The Paradox of Prayer

There's something of a paradox built into the discipline of prayer. On the one hand, prayer involves an intrinsic awareness of the dynamism of real life. In other words, it takes seriously that life is uncertain, that it moves ever-stubbornly into the future as tomorrow ceaselessly rolls into today, and without choice we must face all the ambiguities that come along with it. To pray, with any degree of honesty, is to pray from a position of uncertainty and finitude. We pray because we are stepping into a foreign world which we do not know and we need some light to illuminate our path.
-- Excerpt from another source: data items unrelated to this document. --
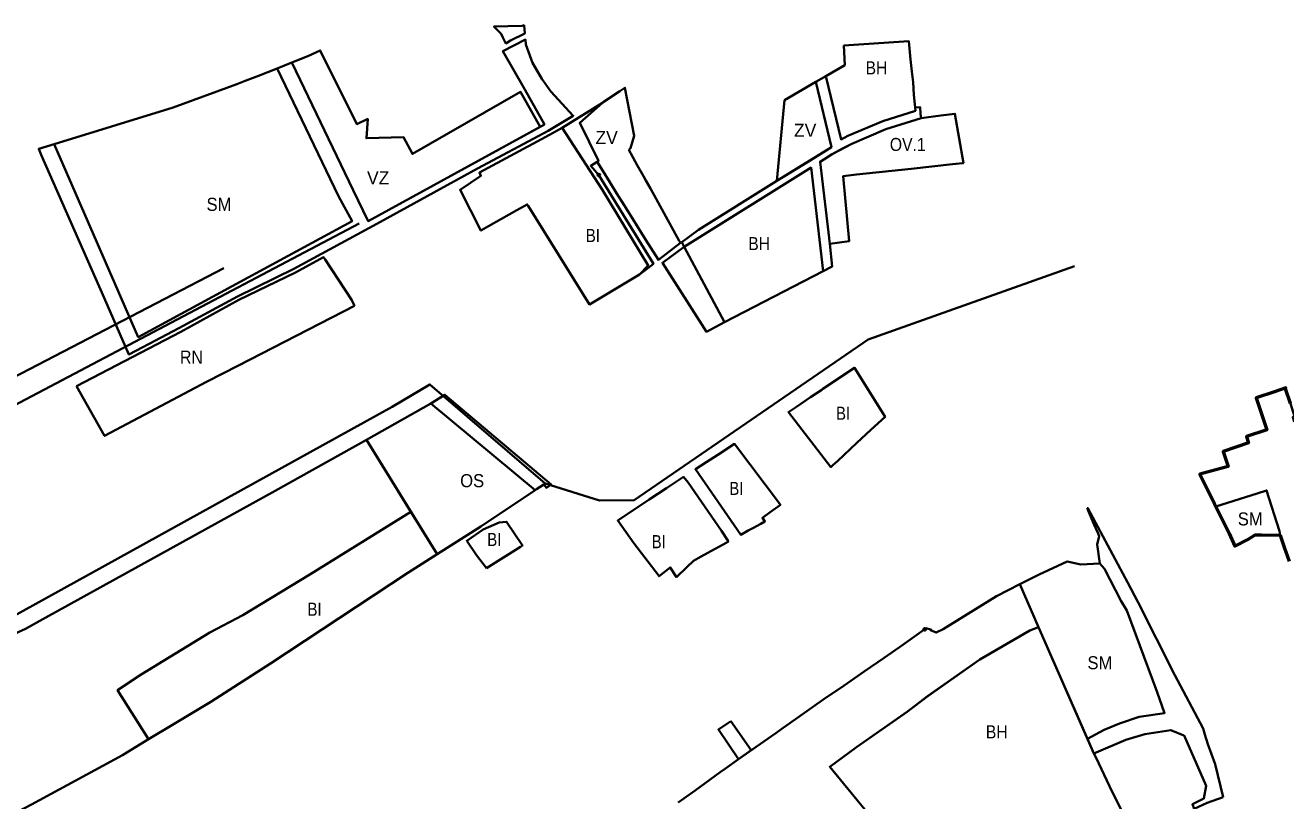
# Model space of a CAD drawing. Extents: x -650276 to -642489, y -1074311 to -1066720.
# Drawn here: x -648741 to -647583, y -1071099 to -1070387 of the extents above; entities that cross this region are included whole.
import ezdxf

# ---------------------------------------------------------------- set-up
doc = ezdxf.new("R2010")
doc.units = 0
doc.header["$LTSCALE"] = 4.8
doc.header["$PDMODE"] = 32
doc.header["$PDSIZE"] = 2.4
for name, color, linetype, lineweight in [('1', 7, 'Continuous', 35), ('11', 7, 'Continuous', 35), ('12', 7, 'Continuous', 35), ('15', 7, 'Continuous', 35), ('18', 7, 'Continuous', 35), ('2', 7, 'Continuous', 35), ('36', 7, 'Continuous', 35), ('40', 7, 'Continuous', 35), ('54', 7, 'Continuous', 35), ('60', 7, 'Continuous', 53), ('7', 7, 'Continuous', 35), ('9', 7, 'Continuous', 35)]:
    doc.layers.add(name, color=color, linetype=linetype, lineweight=lineweight)
doc.layers.add('62', color=7, linetype='Continuous')

msp = doc.modelspace()

# ---------------------------------------------------------------- linework, layer by layer
at = {"layer": '1'}
for points in [[(-647991.539, -1070492.016), (-647985.19, -1070488.804), (-647953.251, -1070475.276), (-647923.247, -1070465.749), (-647923.53, -1070462.75), (-647924.63, -1070451.09), (-647925.5, -1070439.63), (-647926.53, -1070429.76), (-647927.67, -1070418.74), (-647929.24, -1070401.97), (-647988.86, -1070405.95), (-647988.11, -1070423.93), (-648005.668, -1070434.145)], [(-648098.637, -1070659.682), (-648007.838, -1070612.851), (-648019, -1070518), (-648135.47, -1070590.61), (-648105.98, -1070645.91)], [(-648001.922, -1071067.83), (-647977.41, -1071049.74), (-647930.7, -1071017.18), (-647911.838, -1071002.919), (-647864.03, -1070969.3), (-647864.03, -1070969.3), (-647818.33, -1070942.91), (-647810.243, -1070939.825), (-647759.52, -1071055.67), (-647757.19, -1071059.66), (-647742.64, -1071090.72), (-647726.74, -1071122.48), (-647742.35, -1071129.43), (-647775.982, -1071148.001), (-647775.982, -1071148.001), (-647875.939, -1071221.104)]]:
    msp.add_lwpolyline(points, close=True, dxfattribs=at)
at = {"layer": '11'}
msp.add_lwpolyline([(-647927.14, -1070519), (-647889.27, -1070514.92), (-647886.09, -1070514.58), (-647879.89, -1070513.91), (-647879.16, -1070513.83), (-647887.08, -1070468.54), (-647899.87, -1070470.04), (-647917.98, -1070472.47), (-647950.48, -1070482.79), (-647981.81, -1070496.06), (-647990.295, -1070500.352), (-647999.756, -1070505.655), (-648010.831, -1070512.588), (-648002, -1070588), (-647984.03, -1070585.46), (-647989.5, -1070525.73), (-647977.41, -1070524.43)], close=True, dxfattribs=at)
at = {"layer": '12'}
for points in [[(-647569.92, -1070762.24), (-647573.88, -1070750.25), (-647575.58, -1070750.83), (-647576.81, -1070746.86), (-647575.09, -1070746.33), (-647578.79, -1070734.33), (-647583.38, -1070720.9), (-647583.22, -1070720.2), (-647593.6, -1070723.68), (-647610.33, -1070729.28), (-647600.53, -1070758.65), (-647619.2, -1070764.85), (-647617.36, -1070770.69)], [(-647617.36, -1070770.69), (-647619.12, -1070771.28), (-647640.66, -1070778.47), (-647636.12, -1070792.13)], [(-647636.12, -1070792.13), (-647654.89, -1070797.23), (-647662.26, -1070799.23), (-647650.908, -1070822.34), (-647647.405, -1070829.08), (-647609.58, -1070817.06), (-647600.8, -1070814.27), (-647588.89, -1070851.67), (-647588.4, -1070855.25), (-647584.6, -1070866.3), (-647580.22, -1070879.3)]]:
    msp.add_lwpolyline(points, dxfattribs=at)
at = {"layer": '15'}
msp.add_line((-648272.453, -1070814.072), (-648271.1, -1070813.17), dxfattribs=at)
for points in [[(-648303.705, -1070395.035), (-648302.028, -1070398.436), (-648299.32, -1070403.93), (-648295.18, -1070401.23), (-648281.907, -1070394.762), (-648282.582, -1070387.276), (-648284.37, -1070387.85), (-648310.275, -1070388.476)], [(-648550.72, -1070626.869), (-648636.757, -1070673.431), (-648655.178, -1070631.294), (-648714.161, -1070496.376), (-648728.255, -1070500.709), (-648725.835, -1070506.221), (-648668.207, -1070637.453), (-648645.331, -1070689.546), (-648632.652, -1070682.82), (-648599.66, -1070665.32), (-648545.76, -1070636.22), (-648494.04, -1070610.73), (-648417.855, -1070569.57), (-648325.21, -1070518.84), (-648264.56, -1070486.34), (-648260.57, -1070484.2), (-648237.475, -1070470.361), (-648257.96, -1070448.17), (-648266.416, -1070436.404), (-648274.808, -1070421.647), (-648280.974, -1070405.11), (-648281.388, -1070400.523), (-648302.01, -1070411.05), (-648282.01, -1070446.35), (-648263.859, -1070478.393), (-648425.835, -1070567.021), (-648439.409, -1070538.729), (-648495.666, -1070421.476), (-648509.227, -1070426.957), (-648452.97, -1070544.21), (-648440.531, -1070567.236)], [(-648007.838, -1070612.851), (-647999.588, -1070608.596), (-648002, -1070588), (-648010.831, -1070512.588), (-647999.756, -1070505.655), (-647981.81, -1070496.06), (-647950.48, -1070482.79), (-647917.98, -1070472.47), (-647918.54, -1070468.61), (-647918.95, -1070462.36), (-647923.53, -1070462.75), (-647923.247, -1070465.749), (-647953.251, -1070475.276), (-647985.19, -1070488.804), (-647991.539, -1070492.016), (-648005.668, -1070434.145), (-648014.63, -1070439.36), (-648000.442, -1070499.336), (-648019.789, -1070511.293), (-648050.38, -1070530.2), (-648122.57, -1070575), (-648137.78, -1070586.25), (-648135.47, -1070590.61), (-648019, -1070518)], [(-648135.47, -1070590.61), (-648155.582, -1070605.295), (-648115.057, -1070668.651), (-648098.637, -1070659.682)], [(-648092.72, -1071025.89), (-648104.12, -1071033.78), (-648085.73, -1071060.92), (-648074.12, -1071052.75)]]:
    msp.add_lwpolyline(points, close=True, dxfattribs=at)
for points in [[(-648213.87, -1070524.8), (-648221.359, -1070516.349), (-648215.48, -1070512.59), (-648214.34, -1070511.86), (-648231.53, -1070476.99), (-648210.48, -1070458.42), (-648247.67, -1070481.57), (-648211, -1070538), (-648168.575, -1070607.847), (-648176.54, -1070616.09)], [(-648176.54, -1070616.09), (-648169.28, -1070610.49), (-648163.8, -1070606.27), (-648213.87, -1070524.8), (-648221.359, -1070516.349), (-648215.48, -1070512.59), (-648214.34, -1070511.86), (-648231.53, -1070476.99), (-648210.48, -1070458.42), (-648247.67, -1070481.57), (-648211, -1070538)], [(-648176.54, -1070616.09), (-648169.28, -1070610.49), (-648163.8, -1070606.27), (-648213.87, -1070524.8)], [(-648211, -1070538), (-648168.575, -1070607.847), (-648176.54, -1070616.09)], [(-648271.1, -1070813.17), (-648267.8, -1070810.96), (-648264.38, -1070808.66), (-648262.15, -1070811.96), (-648257.61, -1070808.91), (-648355.275, -1070726.455), (-648360.83, -1070729.87), (-648366.739, -1070733.501), (-648368.163, -1070734.376), (-648272.453, -1070814.072)], [(-647659.01, -1071032.66), (-647685.1, -1070983.93), (-647719.06, -1070916.45), (-647728.35, -1070899.11), (-647764.84, -1070830.47), (-647765.72, -1070830.64)], [(-647765.72, -1070830.64), (-647759.08, -1070845.74), (-647755.87, -1070853.02), (-647754.6, -1070856.11), (-647756.45, -1070863.95), (-647753.81, -1070881.3)], [(-647753.81, -1070881.3), (-647749.75, -1070886.1), (-647734.48, -1070915.94), (-647729.27, -1070924.35), (-647701.45, -1070999.4)], [(-647701.45, -1070999.4), (-647694.54, -1071018.549), (-647718, -1071022), (-647736, -1071028), (-647750, -1071034), (-647765.408, -1071042.223), (-647759.52, -1071055.67), (-647730.17, -1071043.21), (-647712.74, -1071037.99), (-647688.9, -1071034.18), (-647676.96, -1071039.014)], [(-647676.96, -1071039.014), (-647676.9, -1071039.03), (-647676.45, -1071039.22), (-647656.443, -1071085.369), (-647658.55, -1071097.02), (-647669.02, -1071102.33), (-647667.35, -1071106.38), (-647655.47, -1071100.98), (-647640.727, -1071095.819)], [(-647640.727, -1071095.819), (-647648.106, -1071065.551), (-647654.747, -1071047.095), (-647657.699, -1071038.232), (-647659.01, -1071032.66)]]:
    msp.add_lwpolyline(points, dxfattribs=at)
msp.add_point((-648213.87, -1070524.8), dxfattribs=at)
at = {"layer": '18'}
for points in [[(-648636.757, -1070673.431), (-648550.72, -1070626.869), (-648440.531, -1070567.236), (-648452.97, -1070544.21), (-648509.227, -1070426.957), (-648526.28, -1070433.85), (-648538.611, -1070438.388), (-648546.377, -1070441.246), (-648604.92, -1070462.79), (-648714.161, -1070496.376), (-648655.178, -1070631.294)], [(-647736, -1071028), (-647718, -1071022), (-647694.54, -1071018.549), (-647701.45, -1070999.4), (-647729.27, -1070924.35), (-647734.48, -1070915.94), (-647749.75, -1070886.1), (-647753.81, -1070881.3), (-647771.47, -1070882.27), (-647783.95, -1070879.58), (-647809.74, -1070891.31), (-647827.527, -1070900.351), (-647810.243, -1070939.825), (-647765.408, -1071042.223), (-647750, -1071034)]]:
    msp.add_lwpolyline(points, close=True, dxfattribs=at)
for points in [[(-647588.4, -1070855.25), (-647588.89, -1070851.67), (-647600.8, -1070814.27), (-647609.58, -1070817.06), (-647647.405, -1070829.08)], [(-647647.405, -1070829.08), (-647635.11, -1070853.786), (-647629.92, -1070865.35), (-647618.01, -1070859.42), (-647611.3, -1070854.9), (-647605.64, -1070854.99), (-647588.4, -1070855.25)]]:
    msp.add_lwpolyline(points, dxfattribs=at)
at = {"layer": '2'}
for points in [[(-648247.67, -1070481.57), (-648262.69, -1070489.67), (-648323.59, -1070522.48), (-648322.18, -1070525.44), (-648341.41, -1070538.42), (-648322.16, -1070575.76), (-648289.22, -1070557.15), (-648279.736, -1070551.783), (-648278.89, -1070553.14), (-648222.58, -1070643.48), (-648176.54, -1070616.09), (-648168.575, -1070607.847), (-648211, -1070538)], [(-648032.601, -1070737.472), (-648039.82, -1070742.33), (-648000.85, -1070792.88), (-647999.06, -1070791.2), (-647994.63, -1070787.05), (-647994.63, -1070787.05), (-647982.89, -1070776.05), (-647976.97, -1070770.51), (-647964.21, -1070758.77), (-647951.11, -1070746.78), (-647979.17, -1070701.65), (-648008.28, -1070720.96), (-648009.29, -1070721.79), (-648019.49, -1070728.65)], [(-648114.77, -1070788.08), (-648125.2, -1070794.79), (-648083.65, -1070854.89), (-648076.73, -1070851.07), (-648074.41, -1070849.79), (-648072.59, -1070848.79), (-648065.35, -1070844.8), (-648061.52, -1070842.68), (-648063.76, -1070839.49), (-648056.61, -1070834.26), (-648047.17, -1070827.35), (-648089.27, -1070771.57), (-648104.78, -1070781.65)], [(-648167.6, -1070822.53), (-648196.65, -1070841.7), (-648181.75, -1070862.74), (-648158.58, -1070892.98), (-648148.34, -1070884.92), (-648142.79, -1070893.78), (-648133.14, -1070884.6), (-648127, -1070878.75), (-648122.72, -1070876.44), (-648111.24, -1070870.11), (-648099.85, -1070863.82), (-648094.9, -1070861.09), (-648095.42, -1070860.3), (-648101.45, -1070851.34), (-648132.03, -1070807.05), (-648136.08, -1070801.79), (-648151.77, -1070812.11)], [(-648540.7, -1070928.6), (-648571.14, -1070944.67), (-648634.07, -1070983.17), (-648655.76, -1070997.5), (-648627.39, -1071042.65), (-648605.3, -1071029.34), (-648570.23, -1071008.2), (-648515.46, -1070972.94), (-648389.33, -1070889.79), (-648362.519, -1070872.788), (-648386.587, -1070833.807), (-648479.18, -1070891.26)], [(-648317.14, -1070885.48), (-648285.72, -1070865.96), (-648284.02, -1070864.91), (-648298.78, -1070842.92), (-648305.33, -1070843.62), (-648320.02, -1070850.16), (-648335.19, -1070860.49), (-648326.41, -1070873.55)]]:
    msp.add_lwpolyline(points, close=True, dxfattribs=at)
msp.add_lwpolyline([(-647875.939, -1071221.104), (-648001.922, -1071067.83), (-647977.41, -1071049.74), (-647930.96, -1071017.383), (-647912.11, -1071003.11), (-647864.29, -1070969.503), (-647818.33, -1070942.91), (-647810.243, -1070939.825), (-647827.527, -1070900.351), (-647848.89, -1070911.21), (-647897.76, -1070941.62), (-647904.13, -1070944.78), (-647909.42, -1070942.63), (-647908.63, -1070942.1), (-647913.45, -1070940.79), (-647934.9, -1070955.87), (-647952.01, -1070967.82), (-647970.19, -1070980.45), (-647988.81, -1070993.27), (-648008.34, -1071006.32), (-648030.24, -1071021.91), (-648044.82, -1071032.25), (-648051.48, -1071036.97), (-648062.53, -1071044.59), (-648085.73, -1071060.92), (-648097.61, -1071069.37), (-648102.55, -1071072.86), (-648125.53, -1071089.51), (-648141.12, -1071100.71)], dxfattribs=at)
msp.add_point((-647914.73, -1070941.682), dxfattribs=at)
at = {"layer": '36'}
msp.add_lwpolyline([(-648495.666, -1070421.476), (-648439.409, -1070538.729), (-648425.835, -1070567.021), (-648267.801, -1070480.55), (-648285.75, -1070448.49), (-648385.085, -1070505.351), (-648393.14, -1070490.07), (-648427.41, -1070491.08), (-648426.05, -1070473.34), (-648436.22, -1070478.01), (-648469.77, -1070410.47), (-648481.18, -1070415.62)], close=True, dxfattribs=at)
at = {"layer": '40'}
msp.add_line((-648214.34, -1070511.86), (-648215.48, -1070512.59), dxfattribs=at)
for points in [[(-648186.441, -1070501.65), (-648186.088, -1070501.313), (-648184.791, -1070500.073), (-648181.386, -1070488.724), (-648189.93, -1070444.71), (-648194.56, -1070447.8), (-648194.56, -1070447.799), (-648209.82, -1070457.98), (-648210.48, -1070458.42), (-648231.53, -1070476.99), (-648214.34, -1070511.86)], [(-648166.63, -1070537.28), (-648170.72, -1070529.92), (-648172.96, -1070525.9), (-648178.7, -1070515.58), (-648184.54, -1070505.07), (-648186.441, -1070501.65)], [(-648215.48, -1070512.59), (-648210.19, -1070521.07), (-648203.83, -1070531.25), (-648197.59, -1070541.27), (-648190.71, -1070552.3), (-648182.98, -1070564.68), (-648171.02, -1070583.86), (-648159.23, -1070602.75), (-648138.93, -1070587.1)], [(-648138.93, -1070587.1), (-648140.05, -1070585.09), (-648166.63, -1070537.28)]]:
    msp.add_lwpolyline(points, dxfattribs=at)
msp.add_lwpolyline([(-648014.63, -1070439.36), (-648000.442, -1070499.336), (-648050.38, -1070530.2), (-648043.43, -1070456.12)], close=True, dxfattribs=at)
at = {"layer": '54'}
msp.add_line((-648876.429, -1070775.252), (-648558.121, -1070610.206), dxfattribs=at)
for points in [[(-648433.898, -1070569.36), (-648868.299, -1070798.03), (-648871.326, -1070799.464)], [(-648756.915, -1070932.76), (-648403.845, -1070737.419), (-648368.964, -1070716.905), (-648263.103, -1070807.79), (-648213.358, -1070823.563), (-648181.392, -1070823.076), (-647966.625, -1070675.686), (-647777.125, -1070608.309)]]:
    msp.add_lwpolyline(points, dxfattribs=at)
at = {"layer": '60'}
msp.add_lwpolyline([(-647578.79, -1070734.33), (-647583.38, -1070720.9), (-647583.22, -1070720.2), (-647593.6, -1070723.68), (-647610.33, -1070729.28), (-647600.53, -1070758.65), (-647619.2, -1070764.85), (-647617.36, -1070770.69), (-647640.66, -1070778.47), (-647636.12, -1070792.13), (-647662.26, -1070799.23), (-647635.11, -1070853.786), (-647629.92, -1070865.35), (-647618.01, -1070859.42), (-647611.3, -1070854.9), (-647605.64, -1070854.99), (-647588.4, -1070855.25), (-647584.6, -1070866.3), (-647580.22, -1070879.3)], dxfattribs=at)
at = {"layer": '7'}
for points in [[(-648438.13, -1070644.73), (-648440.8, -1070639.72), (-648465.28, -1070602.24), (-648466.61, -1070600.21), (-648492.47, -1070614.2), (-648544.42, -1070639.42), (-648597.74, -1070668.62), (-648693.45, -1070718.46)], [(-648693.45, -1070718.46), (-648667.72, -1070764.15), (-648574.27, -1070714.5), (-648544.906, -1070699.451), (-648438.13, -1070644.73)]]:
    msp.add_lwpolyline(points, dxfattribs=at)
msp.add_lwpolyline([(-648866.341, -1071000.881), (-648828.353, -1071043.265), (-648785.386, -1071084.634), (-648758.423, -1071107.756), (-648752.967, -1071111.861), (-648734.849, -1071102.599), (-648651.375, -1071057.109), (-648627.39, -1071042.65), (-648655.76, -1070997.5), (-648634.07, -1070983.17), (-648571.14, -1070944.67), (-648540.7, -1070928.6), (-648479.18, -1070891.26), (-648386.587, -1070833.807), (-648427.25, -1070767.95), (-648511.09, -1070814.7), (-648721.54, -1070930.88), (-648740.25, -1070941.21), (-648774.23, -1070956.42)], close=True, dxfattribs=at)
at = {"layer": '9'}
msp.add_lwpolyline([(-648368.163, -1070734.376), (-648427.25, -1070767.95), (-648362.519, -1070872.788), (-648322.17, -1070847.2), (-648272.45, -1070814.075)], close=True, dxfattribs=at)

# ---------------------------------------------------------------- texts
at = {"layer": '62'}
for s, width, p in [('BH', 0.9, (-647969.069, -1070432.39)), ('OV.1', 0.9, (-647946.769, -1070502.709)), ('SM', 0.95, (-648574.138, -1070557.646)), ('BI', 0.85, (-648225.838, -1070586.256)), ('BH', 0.9, (-648076.769, -1070593.709)), ('RN', 0.9, (-648598.428, -1070697.883)), ('BI', 0.85, (-647996.127, -1070749.398)), ('OS', 0.95, (-648341.265, -1070811.272)), ('BI', 0.85, (-648094.127, -1070818.398)), ('SM', 0.95, (-647627.328, -1070846.374)), ('BI', 0.85, (-648316.397, -1070865.265)), ('BI', 0.85, (-648165.397, -1070867.265)), ('BI', 0.85, (-648481.397, -1070929.265)), ('SM', 0.95, (-647765.328, -1070978.374)), ('BH', 0.9, (-647858.64, -1071041.819))]:
    msp.add_text(s, height=12, dxfattribs=dict(at, width=width)).set_placement(p)
for s, p in [('ZV', (-648217.069, -1070496.39)), ('ZV', (-648034.769, -1070489.709)), ('VZ', (-648426.778, -1070533.286))]:
    msp.add_text(s, height=12, dxfattribs=at).set_placement(p)

doc.saveas('drawing.dxf')

On the other hand, we pray because our feet are planted and in order to keep our footing secure. We pray in order to ground ourselves in the God whose agency conditions all human experience, whose certainty precedes human insecurity, and who rightly stakes claim on the very soil in which we are planted. We pray so that we may never be uprooted.

The paradox is that when we pray, we step forward with our feet firmly planted.

To reconcile the paradox is impossible to do without sacrificing the truth of the matter. If we forget the ambiguities of real life, our prayer will be an act of rooting ourselves in the wrong soil. Since God is present in and concerned with the concrete reality of the situation on the ground, if prayer is in any way disconnected from unfiltered human experience, then it is also disconnected from the object of God's concern. We cannot be honest with God if we are not honest about our confusion, our uncertainty, our personal struggle, and our untamed doubts.

And yet if we are merely content to recognize the struggle, to face it alone, and to disregard God's agency over the situation; if we lose our footing on the assurance of God's future, then we will likely stumble into despair and complacency.

Prayer is an odd mixture of hope and uncertainty, of confession and assurance, of autonomy and dependence. Let your prayers be liberated—free to confess honestly the anguish of the situation—and let them also be filled with the assurance that the future for which we wait is the future of God in the crucified Christ, a future of resurrection.